==== DATA EXTRACT

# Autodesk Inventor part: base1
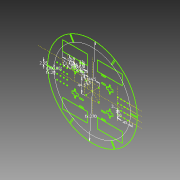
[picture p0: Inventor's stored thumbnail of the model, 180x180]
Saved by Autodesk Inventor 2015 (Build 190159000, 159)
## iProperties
Created: 2017-04
Part Number: base1
Material: Generic
Document SubType Name: Modeling
Designer: mcalderon
Density: 1 g/cm^3
Appearance: Default
Author: mcalderon
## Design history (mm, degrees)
sketch "Sketch1" dims "d32" = 3.8
  geometry: L1 (114.987, 1.943)-(134.986, 1.943); L2 (134.996, -1.007)-(114.996, -1.007); L3 (114.996, -1.007)-(114.987, 1.943); L4 (55.811, 100.553)-(65.811, 117.873); L5 (68.371, 116.406)-(58.371, 99.086); L6 (58.371, 99.086)-(55.811, 100.553); L7 (-59.176, 98.61)-(-69.175, 115.93); L8 (-66.626, 117.414)-(-56.626, 100.093); L9 (-56.626, 100.093)-(-59.176, 98.61); L10 (-114.987, -1.943)-(-134.986, -1.943); L11 (-134.996, 1.007)-(-114.996, 1.007); L12 (-114.996, 1.007)-(-114.987, -1.943); L13 (-55.811, -100.553)-(-65.811, -117.873); L14 (-68.371, -116.406)-(-58.371, -99.086); L15 (-58.371, -99.086)-(-55.811, -100.553); L16 (59.176, -98.61)-(69.175, -115.93); L17 (66.626, -117.414)-(56.626, -100.093); L18 (56.626, -100.093)-(59.176, -98.61); L19 (95, 0)-(-95, 0); L20 (0, 90)-(0, -60); L21 (15, 60)-(15, 90); L22 (90, 60)-(90, 90); L23 (90, 60)-(15, 60); L24 (90, 90)-(15, 90); L25 (-90, 60)-(-90, 90); L26 (-90, 60)-(-15, 60); L27 (-90, 90)-(-15, 90); L28 (-15, 60)-(-15, 90); L29 (90, -60)-(15, -60); L30 (90, -60)-(90, -90); L31 (90, -90)-(15, -90); L32 (15, -60)-(15, -90); L33 (-15, -60)-(-15, -90); L34 (-90, -90)-(-15, -90); L35 (-90, -60)-(-15, -60); L36 (-90, -60)-(-90, -90); L37 (52.5, 60)-(52.5, 0); L38 (15, 60)-(15, 0); L39 (73.861, 60)-(73.861, 38); L40 (90, 38)-(165, 38); L41 (89.159, 38)-(89.159, 25); L42 (89.159, 25)-(15, 25); L43 (73.861, 38)-(73.861, 25); L44 (49.25, 25)-(55.75, 25); L45 (55.75, 38)-(49.25, 38); L46 (62, 28.25)-(62, 34.75); L47 (43, 34.75)-(43, 28.25); L48 (43, 34.75)-(38.6, 34.75); L49 (38.6, 34.75)-(38.6, 38); L50 (38.6, 38)-(27.6, 38); L51 (27.6, 38)-(27.6, 34.75); L52 (27.6, 34.75)-(38.6, 34.75); L53 (38.6, 38)-(38.6, 55.5); L54 (38.6, 55.5)-(27.6, 55.5); L55 (27.6, 55.5)-(27.6, 58.5); L56 (27.6, 58.5)-(38.6, 58.5); L57 (38.6, 58.5)-(38.6, 55.5); L58 (55.75, 25)-(55.75, 28.25); L59 (55.75, 34.75)-(55.75, 38); L60 (43, 28.25)-(49.25, 28.25); L61 (55.75, 28.25)-(62, 28.25); L62 (62, 34.75)-(55.75, 34.75); L63 (49.25, 34.75)-(43, 34.75); L64 (49.25, 38)-(49.25, 34.75)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; C1 r 1.9 at (52.5, -41.9); C2 r 1.9 at (52.5, -21.1); C3 r 1.9 at (-52.5, -41.9); C4 r 1.9 at (-52.5, -21.1); C5 r 1.9 at (-52.5, 21.1); C6 r 1.9 at (-52.5, 41.9); C7 r 1.5 at (18.75, 18.75); C8 r 1.5 at (18.75, -18.75); C9 r 1.5 at (-18.75, -18.75); C10 r 1.5 at (-18.75, 18.75); C11 r 1.5 at (-76.155, -22.25); C12 r 1.5 at (-76.155, -7.25); C13 r 1.5 at (-76.155, 7.75); C14 r 1.5 at (-76.155, 22.75); C15 r 1.5 at (-86.155, -22.25); C16 r 1.5 at (-86.155, -7.25); C17 r 1.5 at (-86.155, 7.75); C18 r 1.5 at (-86.155, 22.75); C19 r 1.5 at (-96.155, -22.25); C20 r 1.5 at (-96.155, -7.25); C21 r 1.5 at (-96.155, 7.75); C22 r 1.5 at (-96.155, 22.75); C23 r 1.5 at (-106.155, -22.25); C24 r 1.5 at (-106.155, -7.25); C25 r 1.5 at (-106.155, 7.75); C26 r 1.5 at (-106.155, 22.75); C27 r 1.5 at (106.155, -22.25); C28 r 1.5 at (106.155, -7.25); C29 r 1.5 at (106.155, 7.75); C30 r 1.5 at (106.155, 22.75); C31 r 1.5 at (96.155, 22.75); C32 r 1.5 at (96.155, 7.75); C33 r 1.5 at (96.155, -7.25); C34 r 1.5 at (96.155, -22.25); C35 r 1.5 at (86.155, -22.25); C36 r 1.5 at (86.155, -7.25); C37 r 1.5 at (86.155, 7.75); C38 r 1.5 at (86.155, 22.75); C39 r 1.5 at (76.155, 22.75); C40 r 1.5 at (76.155, 7.75); C41 r 1.5 at (76.155, -7.25); C42 r 1.5 at (76.155, -22.25); A1 r 135 centre (0, 0) between (135, 0) and (134.986, 1.943); 6 further points
  constraints: 302 end point, 101 symmetric about line, 43 centre point, 14 parallel, 11 horizontal, 11 perpendicular, 10 point on line, 9 vertical, 5 midpoint, 3 point on circle, 2 collinear, 2 vertical alignment, 131 other
  dimensions: "d1" = 270 diameter of A1 (computed from space); "d2" = 20 distance of L2.start L2.end (= 0.5 x space); "d3" = 2.95 distance of L1.end L2.start; "d6" = 360 deg dimension on point (0, 0) L1.start (derived); "d17" = 75 distance between parallel lines of L21 L22; "d19" = 22 distance of L39.start L39.end; "d21" = 13 distance of L41.start L41.end; "d22" = 6.5 distance of L45.end L45.start; "d23" = 19 distance of L47.start L46.end; "d24" = 6.5 distance of L46.end L46.start; "d25" = 4.4 distance of L47.start L48.end; "d26" = 11 distance of L49.end L50.end; "d27" = 3.25 distance of L50.end L51.end; "d28" = 17.5 distance of L49.end L53.end; "d29" = 11 distance of L53.end L54.end; "d30" = 3 distance of L54.end L55.end; "d31" = 11 distance of L55.end L56.end; "d33" = 2 distance between parallel lines of L66 L45; "d34" = 44.5 distance of L131.end L130.end; "d35" = 44.5 distance of L130.end L129.end; "d36" = 3 diameter of C7; "d37" = 3.5 distance from line of L131 C7.centre; "d38" = 3 diameter of C11; "d39" = 45 distance of L136.start L136.end; "d42" = 15 distance of L136.start L137.start; "d45" = 10 distance of L136.start L140.start

========

PROBLEM DETAILS >> Set every record down verbatim. No pictures belong in the copy.

THE ANSWER >>
# Autodesk Inventor part: base1
[picture p0: Inventor's stored thumbnail of the model, 180x180]
Saved by Autodesk Inventor 2015 (Build 190159000, 159)
## iProperties
Created: 2017-04
Part Number: base1
Material: Generic
Document SubType Name: Modeling
Designer: mcalderon
Density: 1 g/cm^3
Appearance: Default
Author: mcalderon
## Design history (mm, degrees)
sketch "Sketch1" dims "d32" = 3.8
  geometry: L1 (114.987, 1.943)-(134.986, 1.943); L2 (134.996, -1.007)-(114.996, -1.007); L3 (114.996, -1.007)-(114.987, 1.943); L4 (55.811, 100.553)-(65.811, 117.873); L5 (68.371, 116.406)-(58.371, 99.086); L6 (58.371, 99.086)-(55.811, 100.553); L7 (-59.176, 98.61)-(-69.175, 115.93); L8 (-66.626, 117.414)-(-56.626, 100.093); L9 (-56.626, 100.093)-(-59.176, 98.61); L10 (-114.987, -1.943)-(-134.986, -1.943); L11 (-134.996, 1.007)-(-114.996, 1.007); L12 (-114.996, 1.007)-(-114.987, -1.943); L13 (-55.811, -100.553)-(-65.811, -117.873); L14 (-68.371, -116.406)-(-58.371, -99.086); L15 (-58.371, -99.086)-(-55.811, -100.553); L16 (59.176, -98.61)-(69.175, -115.93); L17 (66.626, -117.414)-(56.626, -100.093); L18 (56.626, -100.093)-(59.176, -98.61); L19 (95, 0)-(-95, 0); L20 (0, 90)-(0, -60); L21 (15, 60)-(15, 90); L22 (90, 60)-(90, 90); L23 (90, 60)-(15, 60); L24 (90, 90)-(15, 90); L25 (-90, 60)-(-90, 90); L26 (-90, 60)-(-15, 60); L27 (-90, 90)-(-15, 90); L28 (-15, 60)-(-15, 90); L29 (90, -60)-(15, -60); L30 (90, -60)-(90, -90); L31 (90, -90)-(15, -90); L32 (15, -60)-(15, -90); L33 (-15, -60)-(-15, -90); L34 (-90, -90)-(-15, -90); L35 (-90, -60)-(-15, -60); L36 (-90, -60)-(-90, -90); L37 (52.5, 60)-(52.5, 0); L38 (15, 60)-(15, 0); L39 (73.861, 60)-(73.861, 38); L40 (90, 38)-(165, 38); L41 (89.159, 38)-(89.159, 25); L42 (89.159, 25)-(15, 25); L43 (73.861, 38)-(73.861, 25); L44 (49.25, 25)-(55.75, 25); L45 (55.75, 38)-(49.25, 38); L46 (62, 28.25)-(62, 34.75); L47 (43, 34.75)-(43, 28.25); L48 (43, 34.75)-(38.6, 34.75); L49 (38.6, 34.75)-(38.6, 38); L50 (38.6, 38)-(27.6, 38); L51 (27.6, 38)-(27.6, 34.75); L52 (27.6, 34.75)-(38.6, 34.75); L53 (38.6, 38)-(38.6, 55.5); L54 (38.6, 55.5)-(27.6, 55.5); L55 (27.6, 55.5)-(27.6, 58.5); L56 (27.6, 58.5)-(38.6, 58.5); L57 (38.6, 58.5)-(38.6, 55.5); L58 (55.75, 25)-(55.75, 28.25); L59 (55.75, 34.75)-(55.75, 38); L60 (43, 28.25)-(49.25, 28.25); L61 (55.75, 28.25)-(62, 28.25); L62 (62, 34.75)-(55.75, 34.75); L63 (49.25, 34.75)-(43, 34.75); L64 (49.25, 38)-(49.25, 34.75); C1 r 1.9 at (52.5, -41.9); C2 r 1.9 at (52.5, -21.1); C3 r 1.9 at (-52.5, -41.9); C4 r 1.9 at (-52.5, -21.1); C5 r 1.9 at (-52.5, 21.1); C6 r 1.9 at (-52.5, 41.9); C7 r 1.5 at (18.75, 18.75); C8 r 1.5 at (18.75, -18.75); C9 r 1.5 at (-18.75, -18.75); C10 r 1.5 at (-18.75, 18.75); C11 r 1.5 at (-76.155, -22.25); C12 r 1.5 at (-76.155, -7.25); C13 r 1.5 at (-76.155, 7.75); C14 r 1.5 at (-76.155, 22.75); C15 r 1.5 at (-86.155, -22.25); C16 r 1.5 at (-86.155, -7.25); C17 r 1.5 at (-86.155, 7.75); C18 r 1.5 at (-86.155, 22.75); C19 r 1.5 at (-96.155, -22.25); C20 r 1.5 at (-96.155, -7.25); C21 r 1.5 at (-96.155, 7.75); C22 r 1.5 at (-96.155, 22.75); C23 r 1.5 at (-106.155, -22.25); C24 r 1.5 at (-106.155, -7.25); C25 r 1.5 at (-106.155, 7.75); C26 r 1.5 at (-106.155, 22.75); C27 r 1.5 at (106.155, -22.25); C28 r 1.5 at (106.155, -7.25); C29 r 1.5 at (106.155, 7.75); C30 r 1.5 at (106.155, 22.75); C31 r 1.5 at (96.155, 22.75); C32 r 1.5 at (96.155, 7.75); C33 r 1.5 at (96.155, -7.25); C34 r 1.5 at (96.155, -22.25); C35 r 1.5 at (86.155, -22.25); C36 r 1.5 at (86.155, -7.25); C37 r 1.5 at (86.155, 7.75); C38 r 1.5 at (86.155, 22.75); C39 r 1.5 at (76.155, 22.75); C40 r 1.5 at (76.155, 7.75); C41 r 1.5 at (76.155, -7.25); C42 r 1.5 at (76.155, -22.25); A1 r 135 centre (0, 0) between (135, 0) and (134.986, 1.943); 6 further points
  constraints: 302 end point, 101 symmetric about line, 43 centre point, 14 parallel, 11 horizontal, 11 perpendicular, 10 point on line, 9 vertical, 5 midpoint, 3 point on circle, 2 collinear, 2 vertical alignment, 131 other
  dimensions: "d1" = 270 diameter of A1 (computed from space); "d2" = 20 distance of L2.start L2.end (= 0.5 x space); "d3" = 2.95 distance of L1.end L2.start; "d6" = 360 deg dimension on point (0, 0) L1.start (derived); "d17" = 75 distance between parallel lines of L21 L22; "d19" = 22 distance of L39.start L39.end; "d21" = 13 distance of L41.start L41.end; "d22" = 6.5 distance of L45.end L45.start; "d23" = 19 distance of L47.start L46.end; "d24" = 6.5 distance of L46.end L46.start; "d25" = 4.4 distance of L47.start L48.end; "d26" = 11 distance of L49.end L50.end; "d27" = 3.25 distance of L50.end L51.end; "d28" = 17.5 distance of L49.end L53.end; "d29" = 11 distance of L53.end L54.end; "d30" = 3 distance of L54.end L55.end; "d31" = 11 distance of L55.end L56.end; "d33" = 2 distance between parallel lines of L66 L45; "d34" = 44.5 distance of L131.end L130.end; "d35" = 44.5 distance of L130.end L129.end; "d36" = 3 diameter of C7; "d37" = 3.5 distance from line of L131 C7.centre; "d38" = 3 diameter of C11; "d39" = 45 distance of L136.start L136.end; "d42" = 15 distance of L136.start L137.start; "d45" = 10 distance of L136.start L140.start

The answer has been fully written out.